=== Section Start ===

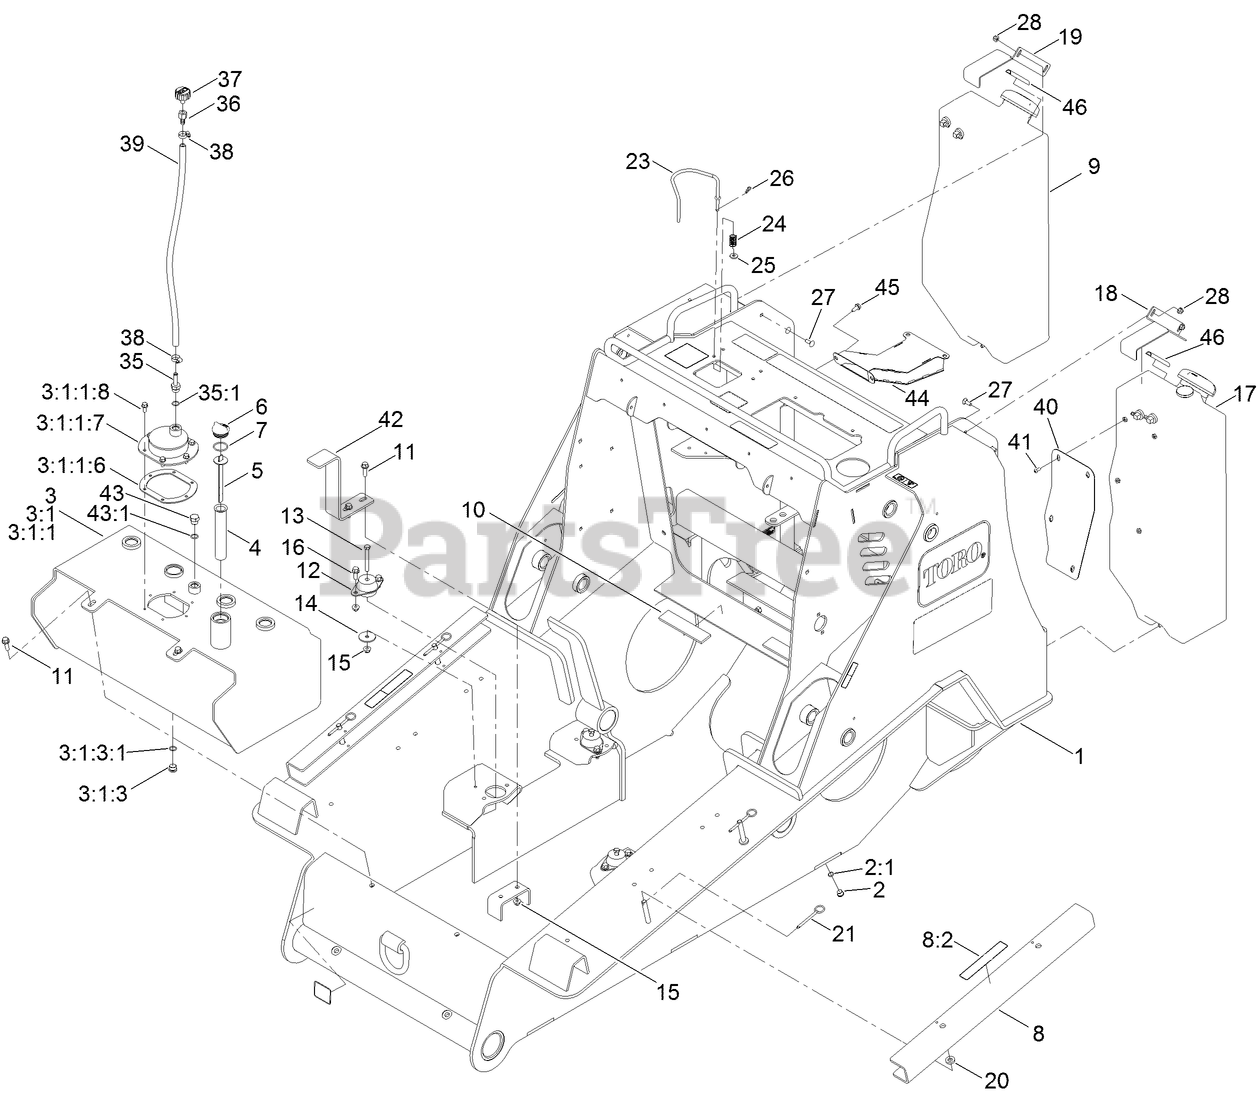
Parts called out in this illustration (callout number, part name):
1	FRAME ASM
2	PLUG-HEX, HOLLOW
2:1	O-RING
3	HYD TANK ASM
3:1	TANK-HYD
3:1:1	TANK-HYD, TOP
3:1:1:6	GASKET-COVER, ACCESS
3:1:1:7	COVER-ACCESS
3:1:1:8	SCREW-HHF
3:1:3	PLUG-HEX
3:1:3:1	O-RING
4	FILTER-SCREEN
5	DIPSTICK
6	PLUG-PLASTIC
7	O-RING
8	ARM-LOCKING
8:2	DECAL-DANGER
9	RH FUEL TANK ASM
10	PAD-RUBBER
11	SCREW-HHF
12	MOUNT-ENGINE
13	SCREW-HH
14	WASHER-REBOUND
15	NUT-HF, NI
16	SCREW-HHF
17	LH FUEL TANK ASM
18	BRACKET-TANK, LH
19	BRACKET-TANK, RH
20	WASHER-NEOPRENE
21	PIN-RING
23	ROD-INTERLOCK
24	SPRING-CONTROL
25	WASHER-FLAT
27	SCREW-CARR
28	NUT-HF, NI
35	FITTING-STR
35:1	O-RING
36	FITTING-FEMALE, BARBED
37	BREATHER
38	CLAMP-HOSE
39	HOSE-FUEL
40	PLATE-GUARD, TANK
41	SCREW-HSBH
42	STRAP-HOLD DOWN
43	PLUG-HYD, HH
43:1	O-RING
44	INTAKE CHUTE ASM,
45	SCREW-HWH
46	SEAL-BULB
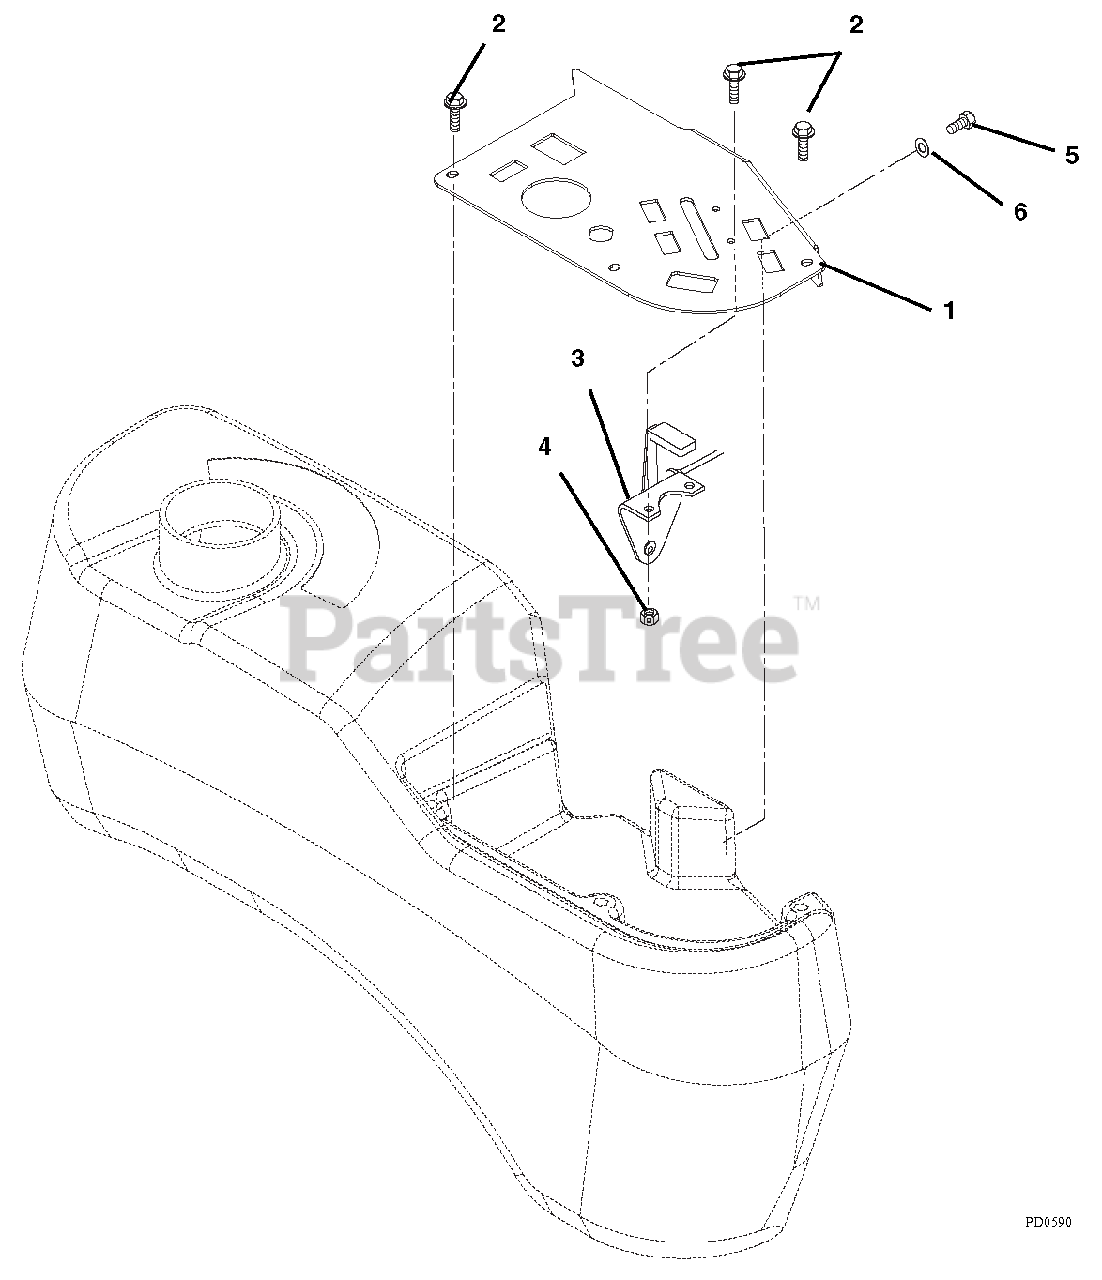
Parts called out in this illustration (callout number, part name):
1	PANEL, CONTROL MZ DIESEL BLACK
2	SCR-MCH 10-24X.50 HWHSTAINLESS
3	CABLE, THROTTLE-DIESEL
4	@NUT-LK-NYL 10-24 W/INSRT YWZC
5	@BLT-HEX .31-18X.75 GR5 YWZC
6	@WSHR-FL-STL.38X.875X.083 YWZC

=== Section End ===

Task details: Return all lines from the material that contain "PLUG".

Exercise output:
2	PLUG-HEX, HOLLOW
3:1:3	PLUG-HEX
6	PLUG-PLASTIC
43	PLUG-HYD, HH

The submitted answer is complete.